November Accomplished

I wanted to rename November Nope the second I published it. I don’t know why I always have a pessimistic view of the month before it has even started. I think I need an attitude adjustment! For starters, I finished the books I set out to read for the month:

Fiction:

  • The Sporting Club by Thomas McGuane.
  • The Bastard of Istanbul by Elif Shafak.

Nonfiction:

  • Four Corners by Kira Salak.
  • Israel is Real by Rich Cohen.
  • Silverland by Dervla Murphy.

Series continuations:

  • Master of Hestviken: the Snake Pit by Sigrid Undset.
  • Echo Burning by Lee Child.

Early Review for LibraryThing:

  • Teaching Empathy by Suzanna Henshon, PhD.

Silverland

Murphy, Dervla. Silverland: a Winter Journey Beyond the Urals. London: John Murray, 2006.

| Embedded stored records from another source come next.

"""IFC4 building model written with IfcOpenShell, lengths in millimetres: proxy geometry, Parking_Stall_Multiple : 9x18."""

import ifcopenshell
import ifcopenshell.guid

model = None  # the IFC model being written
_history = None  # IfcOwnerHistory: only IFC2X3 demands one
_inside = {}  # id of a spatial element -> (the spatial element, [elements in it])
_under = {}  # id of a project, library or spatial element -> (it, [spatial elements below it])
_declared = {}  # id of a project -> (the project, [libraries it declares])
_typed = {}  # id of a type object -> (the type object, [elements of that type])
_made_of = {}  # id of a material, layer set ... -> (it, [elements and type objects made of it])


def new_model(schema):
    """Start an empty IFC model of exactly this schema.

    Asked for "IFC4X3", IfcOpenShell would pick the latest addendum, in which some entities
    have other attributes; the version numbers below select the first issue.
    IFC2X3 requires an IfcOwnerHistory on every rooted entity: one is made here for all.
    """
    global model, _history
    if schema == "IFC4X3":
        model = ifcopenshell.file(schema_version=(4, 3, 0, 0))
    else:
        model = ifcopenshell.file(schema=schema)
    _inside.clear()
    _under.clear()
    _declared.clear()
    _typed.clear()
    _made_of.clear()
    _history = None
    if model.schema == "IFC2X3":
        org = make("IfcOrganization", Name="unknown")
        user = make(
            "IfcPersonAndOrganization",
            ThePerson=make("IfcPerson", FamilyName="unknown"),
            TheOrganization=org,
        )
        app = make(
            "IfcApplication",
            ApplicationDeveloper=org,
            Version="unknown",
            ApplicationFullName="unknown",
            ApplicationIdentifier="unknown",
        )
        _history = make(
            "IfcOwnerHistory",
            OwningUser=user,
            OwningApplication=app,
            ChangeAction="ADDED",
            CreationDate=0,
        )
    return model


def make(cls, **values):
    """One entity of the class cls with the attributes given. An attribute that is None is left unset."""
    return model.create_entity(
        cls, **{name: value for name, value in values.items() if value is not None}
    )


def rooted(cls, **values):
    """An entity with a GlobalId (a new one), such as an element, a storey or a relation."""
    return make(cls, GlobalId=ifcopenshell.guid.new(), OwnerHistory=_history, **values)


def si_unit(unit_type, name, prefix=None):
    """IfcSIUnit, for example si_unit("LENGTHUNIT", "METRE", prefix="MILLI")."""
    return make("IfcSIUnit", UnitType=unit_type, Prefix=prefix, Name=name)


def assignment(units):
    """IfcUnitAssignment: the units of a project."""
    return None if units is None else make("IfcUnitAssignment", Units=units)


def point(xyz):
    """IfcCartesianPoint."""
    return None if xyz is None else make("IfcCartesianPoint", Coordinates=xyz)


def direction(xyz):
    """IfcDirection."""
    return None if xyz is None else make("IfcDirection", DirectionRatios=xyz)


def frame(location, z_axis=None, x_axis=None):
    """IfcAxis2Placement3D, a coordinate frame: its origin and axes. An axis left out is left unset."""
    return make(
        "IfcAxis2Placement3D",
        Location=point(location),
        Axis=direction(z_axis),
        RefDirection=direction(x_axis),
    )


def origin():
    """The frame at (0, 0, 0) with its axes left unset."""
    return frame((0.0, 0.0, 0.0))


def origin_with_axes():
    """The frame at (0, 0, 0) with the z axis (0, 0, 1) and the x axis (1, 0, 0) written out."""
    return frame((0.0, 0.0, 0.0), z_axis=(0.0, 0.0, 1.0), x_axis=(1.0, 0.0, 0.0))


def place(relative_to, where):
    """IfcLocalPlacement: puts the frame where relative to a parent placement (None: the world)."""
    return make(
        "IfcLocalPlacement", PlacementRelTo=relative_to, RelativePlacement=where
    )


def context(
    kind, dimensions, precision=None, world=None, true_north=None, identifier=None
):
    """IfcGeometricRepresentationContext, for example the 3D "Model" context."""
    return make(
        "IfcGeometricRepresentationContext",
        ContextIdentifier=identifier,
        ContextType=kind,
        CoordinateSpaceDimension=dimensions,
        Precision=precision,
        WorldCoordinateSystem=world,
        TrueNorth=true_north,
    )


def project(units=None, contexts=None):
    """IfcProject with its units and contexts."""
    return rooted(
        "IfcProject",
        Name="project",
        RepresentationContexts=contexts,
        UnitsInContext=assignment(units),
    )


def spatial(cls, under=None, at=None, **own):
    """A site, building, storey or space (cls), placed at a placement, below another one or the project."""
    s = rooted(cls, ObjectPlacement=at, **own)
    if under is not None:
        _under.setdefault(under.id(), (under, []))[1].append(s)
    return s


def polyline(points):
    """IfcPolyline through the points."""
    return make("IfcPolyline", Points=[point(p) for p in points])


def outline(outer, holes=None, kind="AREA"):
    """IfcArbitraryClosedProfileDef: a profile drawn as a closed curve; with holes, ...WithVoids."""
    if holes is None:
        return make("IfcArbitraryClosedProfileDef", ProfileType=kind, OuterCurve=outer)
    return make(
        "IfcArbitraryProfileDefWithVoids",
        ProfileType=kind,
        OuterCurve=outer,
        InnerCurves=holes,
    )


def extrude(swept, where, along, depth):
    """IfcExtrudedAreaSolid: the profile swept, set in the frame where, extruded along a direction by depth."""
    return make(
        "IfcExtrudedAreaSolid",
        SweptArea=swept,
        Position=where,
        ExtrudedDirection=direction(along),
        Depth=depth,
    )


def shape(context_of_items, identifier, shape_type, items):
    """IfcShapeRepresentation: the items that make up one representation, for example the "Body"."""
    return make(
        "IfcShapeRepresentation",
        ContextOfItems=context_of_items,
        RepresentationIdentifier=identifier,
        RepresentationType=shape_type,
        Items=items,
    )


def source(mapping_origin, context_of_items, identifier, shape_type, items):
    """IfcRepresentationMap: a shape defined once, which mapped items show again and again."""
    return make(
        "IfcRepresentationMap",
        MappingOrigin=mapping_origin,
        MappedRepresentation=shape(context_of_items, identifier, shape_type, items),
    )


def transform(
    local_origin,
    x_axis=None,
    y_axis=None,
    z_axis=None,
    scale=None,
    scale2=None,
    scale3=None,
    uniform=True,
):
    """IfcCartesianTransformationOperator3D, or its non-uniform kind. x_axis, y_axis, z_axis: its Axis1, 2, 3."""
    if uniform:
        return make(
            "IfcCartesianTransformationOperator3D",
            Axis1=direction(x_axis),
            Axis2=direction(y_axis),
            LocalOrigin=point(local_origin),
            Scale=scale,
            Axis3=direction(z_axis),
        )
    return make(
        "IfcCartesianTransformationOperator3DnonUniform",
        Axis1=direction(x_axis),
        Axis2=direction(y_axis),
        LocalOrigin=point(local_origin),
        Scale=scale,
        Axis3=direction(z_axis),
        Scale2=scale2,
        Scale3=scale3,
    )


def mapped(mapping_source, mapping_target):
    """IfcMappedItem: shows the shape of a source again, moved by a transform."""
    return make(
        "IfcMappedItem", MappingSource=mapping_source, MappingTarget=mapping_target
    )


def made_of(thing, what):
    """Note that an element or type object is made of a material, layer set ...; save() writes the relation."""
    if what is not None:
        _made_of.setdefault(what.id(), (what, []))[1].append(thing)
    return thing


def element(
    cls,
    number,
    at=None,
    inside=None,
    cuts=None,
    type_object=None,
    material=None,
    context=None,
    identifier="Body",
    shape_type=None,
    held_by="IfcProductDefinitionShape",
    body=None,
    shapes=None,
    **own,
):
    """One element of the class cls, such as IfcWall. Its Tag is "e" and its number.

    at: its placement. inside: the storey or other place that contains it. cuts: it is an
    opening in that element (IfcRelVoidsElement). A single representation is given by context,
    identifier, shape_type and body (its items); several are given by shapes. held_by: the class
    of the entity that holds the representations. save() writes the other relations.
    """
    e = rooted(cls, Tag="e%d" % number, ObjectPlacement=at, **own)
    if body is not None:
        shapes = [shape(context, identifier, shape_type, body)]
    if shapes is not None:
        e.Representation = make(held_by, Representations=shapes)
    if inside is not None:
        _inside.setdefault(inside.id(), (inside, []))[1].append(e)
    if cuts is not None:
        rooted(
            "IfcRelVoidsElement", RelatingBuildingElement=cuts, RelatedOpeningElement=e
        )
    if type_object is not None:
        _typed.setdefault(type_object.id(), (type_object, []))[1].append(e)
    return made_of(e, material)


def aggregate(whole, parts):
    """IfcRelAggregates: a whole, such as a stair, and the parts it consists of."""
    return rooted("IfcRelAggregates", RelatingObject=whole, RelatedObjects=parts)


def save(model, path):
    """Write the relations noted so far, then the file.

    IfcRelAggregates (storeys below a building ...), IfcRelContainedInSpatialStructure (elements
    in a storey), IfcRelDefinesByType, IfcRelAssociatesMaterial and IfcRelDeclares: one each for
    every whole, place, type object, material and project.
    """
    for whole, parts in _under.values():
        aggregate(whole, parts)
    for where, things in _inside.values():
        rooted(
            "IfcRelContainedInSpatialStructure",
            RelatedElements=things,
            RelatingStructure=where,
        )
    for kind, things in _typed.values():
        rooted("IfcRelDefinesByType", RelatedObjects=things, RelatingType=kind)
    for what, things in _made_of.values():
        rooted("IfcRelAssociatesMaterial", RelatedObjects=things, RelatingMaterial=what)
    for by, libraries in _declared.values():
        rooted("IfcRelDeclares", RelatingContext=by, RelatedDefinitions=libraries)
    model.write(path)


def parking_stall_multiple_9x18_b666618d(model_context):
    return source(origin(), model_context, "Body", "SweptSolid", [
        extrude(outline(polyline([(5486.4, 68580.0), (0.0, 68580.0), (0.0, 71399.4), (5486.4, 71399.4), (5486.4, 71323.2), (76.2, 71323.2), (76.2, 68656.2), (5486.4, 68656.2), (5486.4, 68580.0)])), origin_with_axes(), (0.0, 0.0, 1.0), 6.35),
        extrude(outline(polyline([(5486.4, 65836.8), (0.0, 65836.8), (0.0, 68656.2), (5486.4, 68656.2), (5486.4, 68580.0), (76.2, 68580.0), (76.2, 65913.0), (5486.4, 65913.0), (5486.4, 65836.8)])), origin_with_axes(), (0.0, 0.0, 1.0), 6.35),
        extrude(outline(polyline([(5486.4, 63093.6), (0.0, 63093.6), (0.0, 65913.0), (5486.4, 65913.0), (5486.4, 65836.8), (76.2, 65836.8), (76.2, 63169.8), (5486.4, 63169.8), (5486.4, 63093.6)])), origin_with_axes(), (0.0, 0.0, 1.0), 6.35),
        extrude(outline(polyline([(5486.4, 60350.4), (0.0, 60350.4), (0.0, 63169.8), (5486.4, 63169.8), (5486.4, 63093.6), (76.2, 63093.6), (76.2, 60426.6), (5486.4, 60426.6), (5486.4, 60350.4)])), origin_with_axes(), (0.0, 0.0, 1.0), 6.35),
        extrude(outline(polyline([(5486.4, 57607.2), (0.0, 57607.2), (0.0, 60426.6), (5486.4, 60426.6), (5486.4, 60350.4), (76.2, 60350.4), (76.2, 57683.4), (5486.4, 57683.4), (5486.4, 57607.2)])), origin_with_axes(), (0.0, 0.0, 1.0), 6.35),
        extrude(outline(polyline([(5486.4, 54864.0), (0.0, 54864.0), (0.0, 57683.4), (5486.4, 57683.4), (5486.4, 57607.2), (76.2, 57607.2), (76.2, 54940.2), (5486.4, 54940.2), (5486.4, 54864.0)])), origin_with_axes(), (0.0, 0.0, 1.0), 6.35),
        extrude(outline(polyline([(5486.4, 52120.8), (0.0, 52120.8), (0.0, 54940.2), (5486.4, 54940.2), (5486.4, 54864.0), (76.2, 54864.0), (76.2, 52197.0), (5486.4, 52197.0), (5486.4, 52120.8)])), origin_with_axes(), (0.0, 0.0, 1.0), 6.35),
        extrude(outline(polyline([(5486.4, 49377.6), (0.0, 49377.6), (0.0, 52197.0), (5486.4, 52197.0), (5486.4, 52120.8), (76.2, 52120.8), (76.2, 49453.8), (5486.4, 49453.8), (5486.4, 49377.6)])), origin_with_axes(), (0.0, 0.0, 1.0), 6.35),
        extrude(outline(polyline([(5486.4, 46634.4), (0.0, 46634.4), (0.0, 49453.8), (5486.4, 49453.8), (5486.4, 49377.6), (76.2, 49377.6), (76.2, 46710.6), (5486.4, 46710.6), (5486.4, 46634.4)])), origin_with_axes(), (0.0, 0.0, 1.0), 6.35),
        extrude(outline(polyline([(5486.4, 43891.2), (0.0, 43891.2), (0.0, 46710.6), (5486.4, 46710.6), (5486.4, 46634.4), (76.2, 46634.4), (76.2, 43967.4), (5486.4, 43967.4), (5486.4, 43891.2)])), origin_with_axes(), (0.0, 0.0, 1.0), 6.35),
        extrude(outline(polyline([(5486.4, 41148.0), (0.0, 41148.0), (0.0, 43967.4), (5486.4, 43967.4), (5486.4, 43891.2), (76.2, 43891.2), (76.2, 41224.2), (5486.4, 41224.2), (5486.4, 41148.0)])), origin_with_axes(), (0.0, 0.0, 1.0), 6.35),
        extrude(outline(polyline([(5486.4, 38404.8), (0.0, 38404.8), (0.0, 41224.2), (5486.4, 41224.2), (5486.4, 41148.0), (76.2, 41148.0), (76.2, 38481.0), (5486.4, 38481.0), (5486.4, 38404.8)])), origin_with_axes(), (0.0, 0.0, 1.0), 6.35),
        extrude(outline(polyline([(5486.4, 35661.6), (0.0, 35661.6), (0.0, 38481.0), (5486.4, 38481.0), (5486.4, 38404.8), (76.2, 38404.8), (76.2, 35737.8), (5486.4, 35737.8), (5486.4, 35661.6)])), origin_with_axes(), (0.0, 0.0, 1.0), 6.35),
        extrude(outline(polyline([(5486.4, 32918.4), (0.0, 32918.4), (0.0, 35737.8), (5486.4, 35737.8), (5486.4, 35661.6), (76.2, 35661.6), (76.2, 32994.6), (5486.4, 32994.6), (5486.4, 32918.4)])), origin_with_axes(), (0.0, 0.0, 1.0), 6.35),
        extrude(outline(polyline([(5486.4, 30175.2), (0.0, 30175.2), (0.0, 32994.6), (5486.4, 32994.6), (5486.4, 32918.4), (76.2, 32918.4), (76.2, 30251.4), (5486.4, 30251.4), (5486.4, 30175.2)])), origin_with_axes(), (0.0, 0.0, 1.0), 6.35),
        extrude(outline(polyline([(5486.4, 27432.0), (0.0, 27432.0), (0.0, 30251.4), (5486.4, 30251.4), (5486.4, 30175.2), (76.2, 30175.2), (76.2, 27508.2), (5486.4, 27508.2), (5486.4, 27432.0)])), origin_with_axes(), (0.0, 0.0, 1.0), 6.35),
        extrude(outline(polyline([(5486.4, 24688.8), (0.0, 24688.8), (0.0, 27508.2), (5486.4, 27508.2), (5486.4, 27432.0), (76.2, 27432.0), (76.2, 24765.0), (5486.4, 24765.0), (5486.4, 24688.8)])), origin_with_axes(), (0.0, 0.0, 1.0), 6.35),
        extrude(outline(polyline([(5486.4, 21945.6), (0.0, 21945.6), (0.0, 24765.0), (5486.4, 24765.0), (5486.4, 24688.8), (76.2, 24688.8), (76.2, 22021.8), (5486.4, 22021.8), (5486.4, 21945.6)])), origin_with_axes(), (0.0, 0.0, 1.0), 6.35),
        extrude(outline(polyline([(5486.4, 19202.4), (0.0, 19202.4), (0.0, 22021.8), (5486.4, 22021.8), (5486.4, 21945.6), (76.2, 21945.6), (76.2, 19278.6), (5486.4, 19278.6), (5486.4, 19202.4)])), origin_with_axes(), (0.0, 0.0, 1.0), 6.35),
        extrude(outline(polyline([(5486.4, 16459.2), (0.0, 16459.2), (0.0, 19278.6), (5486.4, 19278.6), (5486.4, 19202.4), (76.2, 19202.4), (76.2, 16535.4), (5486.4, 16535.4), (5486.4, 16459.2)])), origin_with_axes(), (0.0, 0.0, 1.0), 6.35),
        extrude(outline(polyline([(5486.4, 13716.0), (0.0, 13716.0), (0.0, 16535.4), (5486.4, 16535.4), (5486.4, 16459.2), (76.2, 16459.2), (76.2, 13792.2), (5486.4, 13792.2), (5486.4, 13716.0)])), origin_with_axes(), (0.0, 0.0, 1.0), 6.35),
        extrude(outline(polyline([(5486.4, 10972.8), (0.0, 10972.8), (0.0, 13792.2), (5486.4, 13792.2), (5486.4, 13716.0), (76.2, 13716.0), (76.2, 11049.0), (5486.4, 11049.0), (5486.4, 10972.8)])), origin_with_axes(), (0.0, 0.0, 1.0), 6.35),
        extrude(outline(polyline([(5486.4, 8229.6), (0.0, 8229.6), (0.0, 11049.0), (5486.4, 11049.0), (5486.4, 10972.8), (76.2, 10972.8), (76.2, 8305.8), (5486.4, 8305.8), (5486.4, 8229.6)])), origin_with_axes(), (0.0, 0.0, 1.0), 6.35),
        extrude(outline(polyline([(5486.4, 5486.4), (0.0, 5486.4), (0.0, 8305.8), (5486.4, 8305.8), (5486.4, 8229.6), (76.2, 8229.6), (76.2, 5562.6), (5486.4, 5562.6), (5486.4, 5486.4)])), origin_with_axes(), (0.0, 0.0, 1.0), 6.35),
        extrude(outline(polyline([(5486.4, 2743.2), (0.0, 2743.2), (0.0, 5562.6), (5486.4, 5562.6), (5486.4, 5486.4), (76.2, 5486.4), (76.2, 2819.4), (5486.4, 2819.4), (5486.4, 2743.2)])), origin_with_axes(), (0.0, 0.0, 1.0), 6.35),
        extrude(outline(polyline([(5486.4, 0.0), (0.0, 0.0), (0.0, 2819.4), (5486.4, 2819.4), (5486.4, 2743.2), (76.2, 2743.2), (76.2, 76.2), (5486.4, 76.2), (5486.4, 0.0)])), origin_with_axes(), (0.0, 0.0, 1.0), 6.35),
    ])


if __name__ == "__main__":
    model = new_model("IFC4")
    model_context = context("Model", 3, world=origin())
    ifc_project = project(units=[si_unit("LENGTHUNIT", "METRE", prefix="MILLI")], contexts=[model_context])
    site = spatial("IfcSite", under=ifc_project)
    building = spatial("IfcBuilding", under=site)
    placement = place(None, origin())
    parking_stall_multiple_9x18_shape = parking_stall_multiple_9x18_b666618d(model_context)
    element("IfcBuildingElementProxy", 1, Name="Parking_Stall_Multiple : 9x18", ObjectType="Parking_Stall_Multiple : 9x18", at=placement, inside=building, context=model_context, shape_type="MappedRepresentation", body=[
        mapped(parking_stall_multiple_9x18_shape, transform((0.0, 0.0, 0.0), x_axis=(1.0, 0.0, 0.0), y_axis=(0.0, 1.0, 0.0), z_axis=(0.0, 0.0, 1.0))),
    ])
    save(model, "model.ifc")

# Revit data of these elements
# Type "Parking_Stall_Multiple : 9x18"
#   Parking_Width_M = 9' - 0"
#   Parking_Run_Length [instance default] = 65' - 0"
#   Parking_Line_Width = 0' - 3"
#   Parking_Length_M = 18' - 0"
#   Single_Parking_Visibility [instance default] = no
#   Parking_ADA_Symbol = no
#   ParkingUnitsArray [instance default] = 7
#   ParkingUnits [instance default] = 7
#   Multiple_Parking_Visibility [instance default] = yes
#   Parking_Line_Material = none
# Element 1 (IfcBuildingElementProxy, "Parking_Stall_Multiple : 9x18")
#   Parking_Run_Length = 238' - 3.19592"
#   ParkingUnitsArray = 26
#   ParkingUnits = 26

Reason read: Murphy was born in the month of November. Read in her honor.

Silverland is a well detailed account of Dervla Murphy’s slow train trip across the barren Russian landscape via BAM, the Baikal-Amur Mainline. When I say slow, I mean slow. Like 20 miles an hour slow. She prefered it this way. As she traveled she recounted the history and statistics of BAM, mourning the loss of Siberian and Ewenki cultures, stoically observed societal norms (the tragedy of “vodka orphans” strikes a chord), and waxed about political change; all the while struggling to communicate with the people she met. The language barrier sometimes prevented her from embarking on heavy and/or controversial debates or more importantly, finding out the location of her beloved bicycle, Pushkin. She is very knowledgeable about the country’s history and could hold her own throughout her extensive travels.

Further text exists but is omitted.